Background information
- Born: May 2, 1915 New York City, New York, U.S.
- Died: January 15, 2003 (aged 87) Los Angeles, California, U.S.
- Genres: Songwriter, singer
- Years active: Late 1930s–1949

= Doris Fisher (songwriter) =

American singer and songwriter (1915–2003)

Doris Fisher (May 2, 1915 – January 15, 2003) was an American singer and songwriter, collaborating both as lyricist and composer. She co-wrote many popular songs in the 1940s, including "Whispering Grass", "You Always Hurt the One You Love", "Into Each Life Some Rain Must Fall", "That Ole Devil Called Love", and "Put the Blame on Mame." Her songs were recorded by the Ink Spots, Louis Prima, Billie Holiday, Bing Crosby, the Andrews Sisters, Pearl Bailey, the Mills Brothers and Ella Fitzgerald amongst others.

==Early life==
Fisher was born in New York, the daughter of noted songwriter Fred Fisher.
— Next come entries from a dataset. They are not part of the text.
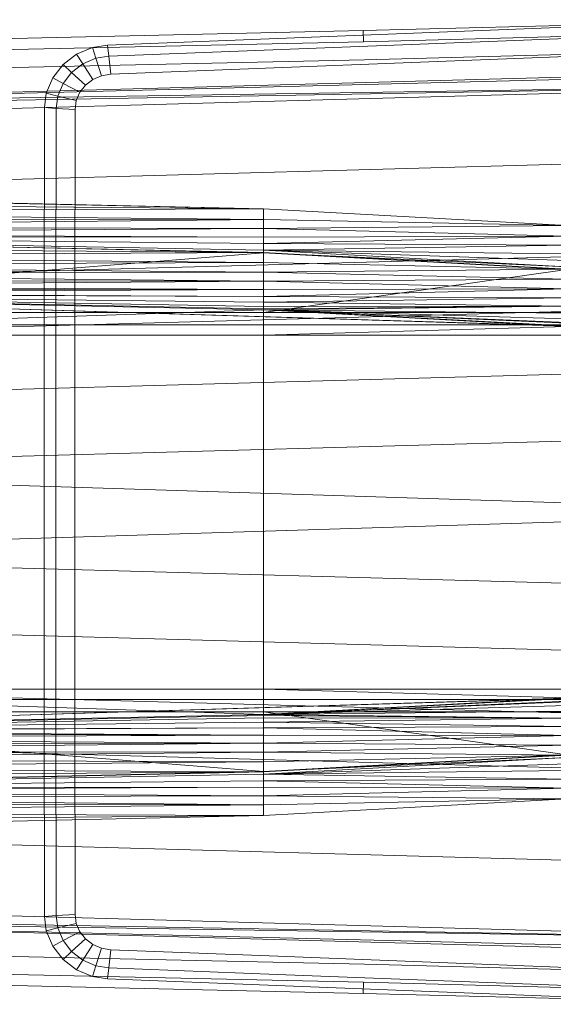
# Model space of a CAD drawing. Header units: metres. Extents: x 397.7 to 427.5, y 12.7 to 28.4.
# Tile 55 of 64: x 407.742 to 407.944, y 26.125 to 26.498. Entities that reach past the tile are written whole.
import ezdxf

# ---------------------------------------------------------------- set-up
doc = ezdxf.new("R2010")
doc.units = ezdxf.units.M
doc.layers.add('A-DETL-____-MBND', color=7, linetype='Continuous', lineweight=18)

# ---------------------------------------------------------------- blocks, each defined once
blk = doc.blocks.new('Family - Inodor P3-156643-06_ELEC_P3')
at = {"layer": 'A-DETL-____-MBND', "color": 253, "true_color": 0xaaaaaa}
for p, q in [((0.22275, 0.37687), (0.41325, 0.38426)), ((0.22275, 0.37687), (0.41325, 0.38426)), ((0.47654, 0.38648), (0.31954, 0.38234)), ((0.47654, 0.38648), (0.31954, 0.38234)), ((0.31954, 0.38234), (0, 0.37522)), ((0.31954, 0.38234), (0, 0.37522)), ((0.31971, 0.37812), (0.31954, 0.38234)), ((0.31954, 0.38234), (0.31971, 0.37812)), ((0.4765, 0.38225), (0.31971, 0.37812)), ((0.4765, 0.38225), (0.31971, 0.37812)), ((0.31971, 0.37812), (0.00022, 0.371)), ((0.31971, 0.37812), (0.00022, 0.371)), ((0.21701, 0.37594), (0.22275, 0.37687)), ((0.21701, 0.37594), (0.22275, 0.37687)), ((0.22322, 0.37265), (0.22275, 0.37687)), ((0.22275, 0.37687), (0.22322, 0.37265)), ((0.22322, 0.37265), (0.41343, 0.38004)), ((0.22322, 0.37265), (0.41343, 0.38004)), ((0.2059, 0.36946), (0.21102, 0.37337)), ((0.2059, 0.36946), (0.21102, 0.37337)), ((0.21102, 0.37337), (0.21701, 0.37594)), ((0.21102, 0.37337), (0.21701, 0.37594)), ((0.21337, 0.36974), (0.21102, 0.37337)), ((0.21102, 0.37337), (0.21337, 0.36974)), ((0.21832, 0.37186), (0.21701, 0.37594)), ((0.21701, 0.37594), (0.21832, 0.37186)), ((0.41372, 0.3732), (0.22397, 0.36584)), ((0.41372, 0.3732), (0.22397, 0.36584)), ((0.41372, 0.3732), (0.22397, 0.36584)), ((0.22397, 0.36584), (0.41372, 0.3732)), ((0.47644, 0.37541), (0.31998, 0.37128)), ((0.47644, 0.37541), (0.31998, 0.37128)), ((0.31998, 0.37128), (0.00056, 0.36417)), ((0.31998, 0.37128), (0.00056, 0.36417)), ((0.20199, 0.36444), (0.2059, 0.36946)), ((0.20199, 0.36444), (0.2059, 0.36946)), ((0.20914, 0.36651), (0.2059, 0.36946)), ((0.2059, 0.36946), (0.20914, 0.36651)), ((0.20914, 0.36651), (0.21337, 0.36974)), ((0.20914, 0.36651), (0.21337, 0.36974)), ((0.21337, 0.36974), (0.21832, 0.37186)), ((0.21337, 0.36974), (0.21832, 0.37186)), ((0.21716, 0.36387), (0.21337, 0.36974)), ((0.21337, 0.36974), (0.21716, 0.36387)), ((0.21832, 0.37186), (0.22322, 0.37265)), ((0.21832, 0.37186), (0.22322, 0.37265)), ((0.22043, 0.36527), (0.21832, 0.37186)), ((0.21832, 0.37186), (0.22043, 0.36527)), ((0.22397, 0.36584), (0.22322, 0.37265)), ((0.22322, 0.37265), (0.22397, 0.36584)), ((0.00127, 0.35389), (0.51095, 0.36797)), ((0.51095, 0.36678), (0.00127, 0.35389)), ((0.20591, 0.36236), (0.20914, 0.36651)), ((0.20591, 0.36236), (0.20914, 0.36651)), ((0.21437, 0.36173), (0.20914, 0.36651)), ((0.20914, 0.36651), (0.21437, 0.36173)), ((0.22397, 0.36584), (0.22043, 0.36527)), ((0.22397, 0.36584), (0.22043, 0.36527)), ((0.22397, 0.36584), (0.22043, 0.36527)), ((0.22043, 0.36527), (0.22397, 0.36584)), ((0.51095, 0.36184), (0.00127, 0.35389)), ((0.51095, 0.36184), (0.00127, 0.35271)), ((0.51095, 0.36184), (0.00127, 0.34776)), ((0.19954, 0.35865), (0.20199, 0.36444)), ((0.19954, 0.35865), (0.20199, 0.36444)), ((0.20591, 0.36236), (0.20199, 0.36444)), ((0.20199, 0.36444), (0.20591, 0.36236)), ((0.20388, 0.35757), (0.20591, 0.36236)), ((0.20388, 0.35757), (0.20591, 0.36236)), ((0.21224, 0.35899), (0.20591, 0.36236)), ((0.20591, 0.36236), (0.21224, 0.35899)), ((0.21716, 0.36387), (0.21437, 0.36173)), ((0.21716, 0.36387), (0.21437, 0.36173)), ((0.21716, 0.36387), (0.21437, 0.36173)), ((0.21437, 0.36173), (0.21716, 0.36387)), ((0.22043, 0.36527), (0.21716, 0.36387)), ((0.22043, 0.36527), (0.21716, 0.36387)), ((0.22043, 0.36527), (0.21716, 0.36387)), ((0.21716, 0.36387), (0.22043, 0.36527)), ((0.1988, 0.35316), (0.19954, 0.35865)), ((0.1988, 0.35316), (0.19954, 0.35865)), ((0.20388, 0.35757), (0.19954, 0.35865)), ((0.19954, 0.35865), (0.20388, 0.35757)), ((0.21224, 0.35899), (0.2109, 0.35583)), ((0.21224, 0.35899), (0.2109, 0.35583)), ((0.21224, 0.35899), (0.2109, 0.35583)), ((0.2109, 0.35583), (0.21224, 0.35899)), ((0.21437, 0.36173), (0.21224, 0.35899)), ((0.21437, 0.36173), (0.21224, 0.35899)), ((0.21437, 0.36173), (0.21224, 0.35899)), ((0.21224, 0.35899), (0.21437, 0.36173)), ((0.20325, 0.35289), (0.20388, 0.35757)), ((0.20325, 0.35289), (0.20388, 0.35757)), ((0.2109, 0.35583), (0.20388, 0.35757)), ((0.20388, 0.35757), (0.2109, 0.35583)), ((0.2109, 0.35583), (0.21044, 0.35245)), ((0.2109, 0.35583), (0.21044, 0.35245)), ((0.2109, 0.35583), (0.21044, 0.35245)), ((0.21044, 0.35245), (0.2109, 0.35583)), ((0.19876, 0.27623), (0.1988, 0.35316)), ((0.19876, 0.27623), (0.1988, 0.35316)), ((0.20325, 0.35289), (0.1988, 0.35316)), ((0.1988, 0.35316), (0.20325, 0.35289)), ((0.2032, 0.27623), (0.20325, 0.35289)), ((0.2032, 0.27623), (0.20325, 0.35289)), ((0.21044, 0.35245), (0.20325, 0.35289)), ((0.20325, 0.35289), (0.21044, 0.35245)), ((0.21044, 0.35245), (0.2104, 0.27622)), ((0.21044, 0.35245), (0.2104, 0.27622)), ((0.21044, 0.35245), (0.2104, 0.27622)), ((0.2104, 0.27622), (0.21044, 0.35245)), ((0.51095, 0.33495), (0.00127, 0.32087)), ((0.28182, 0.31489), (0.00127, 0.32102)), ((0.00192, 0.32088), (0.28182, 0.31489)), ((0.28182, 0.31489), (0.00192, 0.32088)), ((0.28182, 0.31489), (0.00192, 0.31713)), ((0.28182, 0.31489), (0.00192, 0.31713)), ((0.28182, 0.31489), (0.00192, 0.31371)), ((0.00192, 0.31371), (0.28182, 0.31489)), ((0.28181, 0.31079), (0.00192, 0.31371)), ((0.28181, 0.31079), (0.00192, 0.31371)), ((0.28181, 0.31079), (0.28182, 0.31489)), ((0.28181, 0.31079), (0.28182, 0.31489)), ((0.39671, 0.30854), (0.28182, 0.31489)), ((0.28181, 0.31079), (0.00192, 0.31043)), ((0.00192, 0.30799), (0.28181, 0.31079)), ((0.00192, 0.31043), (0.28181, 0.31079)), ((0.00192, 0.30799), (0.28181, 0.31079)), ((0.39671, 0.30854), (0.28181, 0.31079)), ((0.39671, 0.30854), (0.28181, 0.31079)), ((0.28181, 0.30737), (0.28181, 0.31079)), ((0.28181, 0.30737), (0.28181, 0.31079)), ((0.28181, 0.30737), (0.00192, 0.30799)), ((0.28181, 0.30737), (0.00192, 0.30799)), ((0.28181, 0.30737), (0.00192, 0.30554)), ((0.00192, 0.30554), (0.28181, 0.30737)), ((0.39671, 0.30854), (0.28181, 0.30737)), ((0.28181, 0.30737), (0.39671, 0.30854)), ((0.3967, 0.30444), (0.28181, 0.30737)), ((0.28181, 0.30409), (0.28181, 0.30737)), ((0.3967, 0.30444), (0.28181, 0.30737)), ((0.28181, 0.30409), (0.28181, 0.30737)), ((0.28176, 0.29829), (0.00127, 0.30443)), ((0.00187, 0.30429), (0.28176, 0.29829)), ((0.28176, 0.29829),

Her brothers Dan Fisher ("Good Morning Heartache") and Marvin Fisher ("When Sunny Gets Blue") also became songwriters.

==Career==
In the late 1930s, she sang regularly on radio station WOR with Eddy Duchin's band. She also performed with other big bands including Count Basie, and led the vocal group Penny Wise and Her Wise Guys who recorded for the Vocalion label in 1938. Her first hit composition came the same year, co-writing the novelty song "Tutti Frutti" with its performer, Slim Gaillard. Following its success, she began writing songs for Mike Todd's Star and Garter revue on Broadway.

In 1940, she co-wrote with her father the song, "Whispering Grass" for The Ink Spots. Her most successful songwriting period came after she met lyricist Allan Roberts in 1944, in her father's office at the Brill Building. Within a year of starting to work together, they co-wrote "You Always Hurt the One You Love", a no.1 hit that year for the Mills Brothers and in 2017 the Mills Brothers version was inducted into The Grammy Hall of Fame; "Good, Good, Good (That's You, That's You)", recorded by Bing Crosby and the Andrews Sisters; "Into Each Life Some Rain Must Fall", another no. 1 hit for the Ink Spots with Ella Fitzgerald; "That Ole Devil Called Love" recorded by Billie Holiday; "Angelina (The Waitress at the Pizzeria)", a hit for Louis Prima; "Tampico", a hit by Stan Kenton; and "Invitation to the Blues", which she co-wrote with Roberts and Arthur Gershwin, the younger brother of George and Ira Gershwin and which was first recorded by Ella Mae Morse.

In 1945, she and Roberts were signed by Harry Cohn of Columbia Pictures in Hollywood to a seven-year contract to supply songs for films. They had immediate success with the songs "Amado Mio" and "Put the Blame on Mame", written for Gilda starring Rita Hayworth, and in all contributed to about twenty films for the company, including Dead Reckoning and The Lady from Shanghai. Fisher's other hit compositions included "That's Good Enough for Me" and "Tired", recorded by Pearl Bailey; "Let's Stay Young Forever", and "It's So Easy". In a 1947 interview, Fisher said that "Allan is the tear-jerker of the team, and I specialize in light stuff." Fisher's "lighthearted, sentimental" compositions were so popular that at the time she was known as the "Queen of the Juke Box."

== Personal life and death ==
She married real estate developer Charles Gershenson, from Detroit, Michigan in 1947 and left the music business soon afterwards, moving to Detroit, Michigan to raise their two children, Frederika and Ned Gershenson. She became a collector of antique American furniture, and an advisor on interior design. In the early 1960s she advised President John F. Kennedy and his wife Jacqueline on interior design for the White House. Fisher and Gershenson divorced in the 1960s, and she returned to Los Angeles, California, where she set up a retail business, Cookstores, selling kitchen and dining room items.

Fisher died at Century City Hospital in Los Angeles in January 2003, aged 87. Her friend, the pianist and singer Michael Feinstein, praised her tenacity and talent in what at the time was a man's world.